# wooden sticks



## Manny (Sep 3, 2009)

I am disapointed, I order a set of rattan sticks yo use in my Kenpo Class and I got a set of hard wood sticks instead. Don't want to talk about it, the fact is I have now the hard wood sticks and that's it.

This set of sticks weight almost if not twice the weigh of the rattan sticks so they are a little harder to control, remeber I'm a beginer in this stuff.

What can you tell me about the hard wood sticks, are good? what can I spect form them? I have blisters in my thumbs for the little practice I had this evening in my office.

Manny


----------



## Carol (Sep 3, 2009)

Hey Manny!

Do not use hardwood sticks in class or when training with another person.  .  It is not safe.  Hardwood can splinter and break, and result in much greater risk of injury than rattan, which frays instead. Eye injuries are a particular risk.

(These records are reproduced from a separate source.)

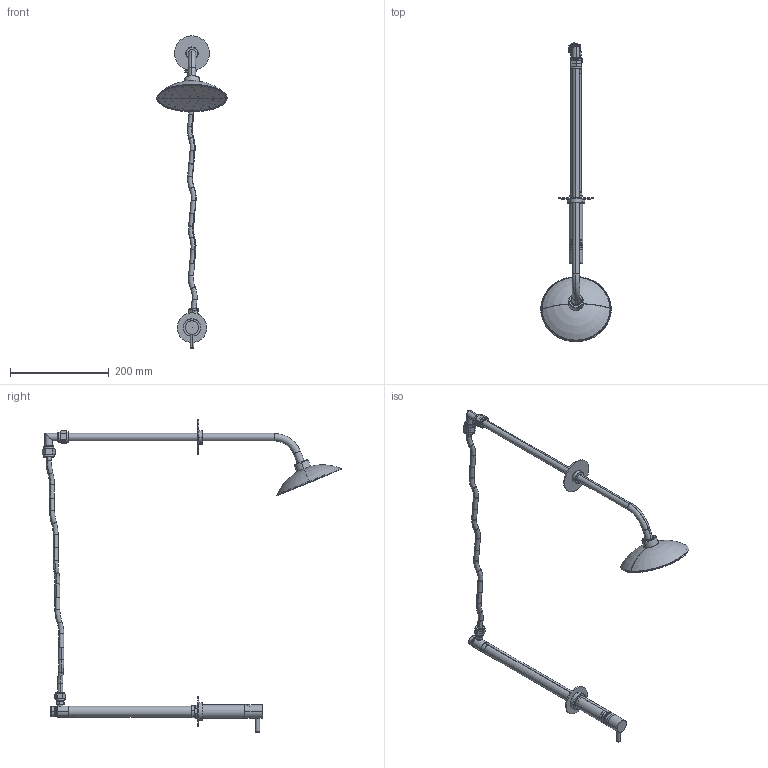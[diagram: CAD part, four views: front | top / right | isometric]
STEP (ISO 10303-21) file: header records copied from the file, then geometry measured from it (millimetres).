
FILE_DESCRIPTION (( 'STEP AP214' ), '1' );
FILE_NAME ('5060 EQI indbygget koldtvandsbruser.STEP', '2023-01-05T11:26:11', ( '' ), ( '' ), 'SwSTEP 2.0', 'SolidWorks 2022', '' );
FILE_SCHEMA (( 'AUTOMOTIVE_DESIGN' ));
Length unit declared in the file: millimetre
Products named in the file (51): 687 - 3.8  x 1.8 RG.STEP; U 2010-23 Håndtag; 5060 EQI indbygget koldtvandsbruser; 375 - Vinkel 15x15; U 2010-17 Loddestuds; U 2010-1 Loddefitting; U 5065-3 Låsering; Ø22x1x260 Kobberrør; U 5065-4 Brusestang svejsesamling; U 5060-2 Rosettesamling; U 2015-7 Ventilhus; Slange Ø10x100; U 4080-9 Skal til bruserhovede.STEP; U 5065-7 Svejsetegning af vægplade; U 2014-4 Ventil; U 2010-11 Spindelsamling; U 2010-7 Låsering; 6x2 O-ring shore70; U 2010-19 Styrestift; U 5065-12 Vinkelsamling Ø15 til Ø10; 6x2 O-ring shore90; U 2010-2 Spindelhus; U 5065-1 Brusestang; Ø8x1x200 Kobberrør; 18x2 O-ring; U 2016-11 Indvendig loddesamling; U 5065-2 Vægplade for brusestang; U 5092-4 Gevindstykke; U 5060-1 Rosetteplade; 82712 Bonfix Knækfitting; U 2010-21 Håndtag; U 2017-6 Overrør; U 2010-3-1 Spindel; 536 - Ø15 Kompressionsring; U 2015-12 Pibesamling til tappehane; 476 - Omløber 15 M20; U 5070-11 Samling af bruserhovede.STEP; 307 - Brystnippel Ø10 1.8 RG; U 4080-11 Bruserhovede bund.STEP; Pinolskrue M6x6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
Assembly tree (58 placements, depth 5):
  5060 EQI indbygget koldtvandsbruser
    U 5060-2 Rosettesamling
      U 5060-1 Rosetteplade
      U 2010-7 Låsering
    U 5065-7 Svejsetegning af vægplade
      U 5065-2 Vægplade for brusestang
      U 5065-3 Låsering
    U 5065-4 Brusestang svejsesamling
      U 5065-1 Brusestang
      U 5092-4 Gevindstykke
    U 2017-6 Overrør
    U 2010-11 Spindelsamling
      U 2010-19 Styrestift
      U 2010-2 Spindelhus
      U 2010-3-1 Spindel
      17,1x1,6 O-ring
      12x2 O-ring
      18x2 O-ring
      20x2 O-ring
    U 2010-23 Håndtag
      U 2010-9 Greb
      U 2010-21 Håndtag
      Pinolskrue M6x6
    U 2015-12 Pibesamling til tappehane
      U 2015-7 Ventilhus
      307 - Brystnippel Ø10 1.8 RG
        307 - Brystnippel Ø10 1.8 RG.STEP
          687 - 3.8  x 1.8 RG.STEP
          577 - Oml_ber 3.8 _10.STEP
          Messing b_sning _10.STEP
      U 2010-1 Loddefitting
      Ø22x1x260 Kobberrør
      20x2 O-ring
    U 2016-11 Indvendig loddesamling
      U 2014-4 Ventil
      U 2010-17 Loddestuds
      U 2010-24 Stift
      Ø8x1x200 Kobberrør
      6x2 O-ring shore90
      6x2 O-ring shore70  x2
    U 5070-11 Samling af bruserhovede
      U 5070-11 Samling af bruserhovede.STEP
        U 4080-9 Skal til bruserhovede.STEP
        U 4080-11 Bruserhovede bund.STEP
        U 4080-10 Topstykke til bruserhovede.STEP
    U 5065-12 Vinkelsamling Ø15 til Ø10
      375 - Vinkel 15x15
      82712 Bonfix Knækfitting
      476 - Omløber 15 M20  x2
      536 - Ø15 Kompressionsring
    Slange Ø10x100  x5
    Pinolskrue M6x5  x2
Bounding box: 142.57 x 605.34 x 631.04 mm (x, y, z)
Volume: 229152.5 mm3; surface area: 267994 mm2
Topology: 46 solids, 46 shells, 907 faces, 2021 edges, 1231 vertices
Faces by surface type: cylinder 455, plane 192, cone 157, torus 98, bspline 5
Entity records: 28375 total; most frequent: CARTESIAN_POINT 8113, DIRECTION 4065, ORIENTED_EDGE 3512, EDGE_CURVE 1756, AXIS2_PLACEMENT_3D 1718, VERTEX_POINT 1081, EDGE_LOOP 995, CIRCLE 865

Keep the hardwoods for your own training.  They can be good for building up your arm strength, working on your grip, or even for home defense if needed.   Wear safety glasses (like the kind used for shooting) when you use them and don't use them around other people (unless they are protected as well


----------



## arnisador (Sep 3, 2009)

Definitely, hardwoods are not for partner work!


----------



## Manny (Sep 4, 2009)

I think this heavy sticks (vs the rattan ones) could gime some edge helping me to build up arms strenght so when I grab the rattan ones my speed will be enhanced. Offcourse I will use this wooden stick for solo practice and ..... if need it (and I hope not) to wack some scumbag, so maybe I will carry one of the sticks in my car as a self defense tool.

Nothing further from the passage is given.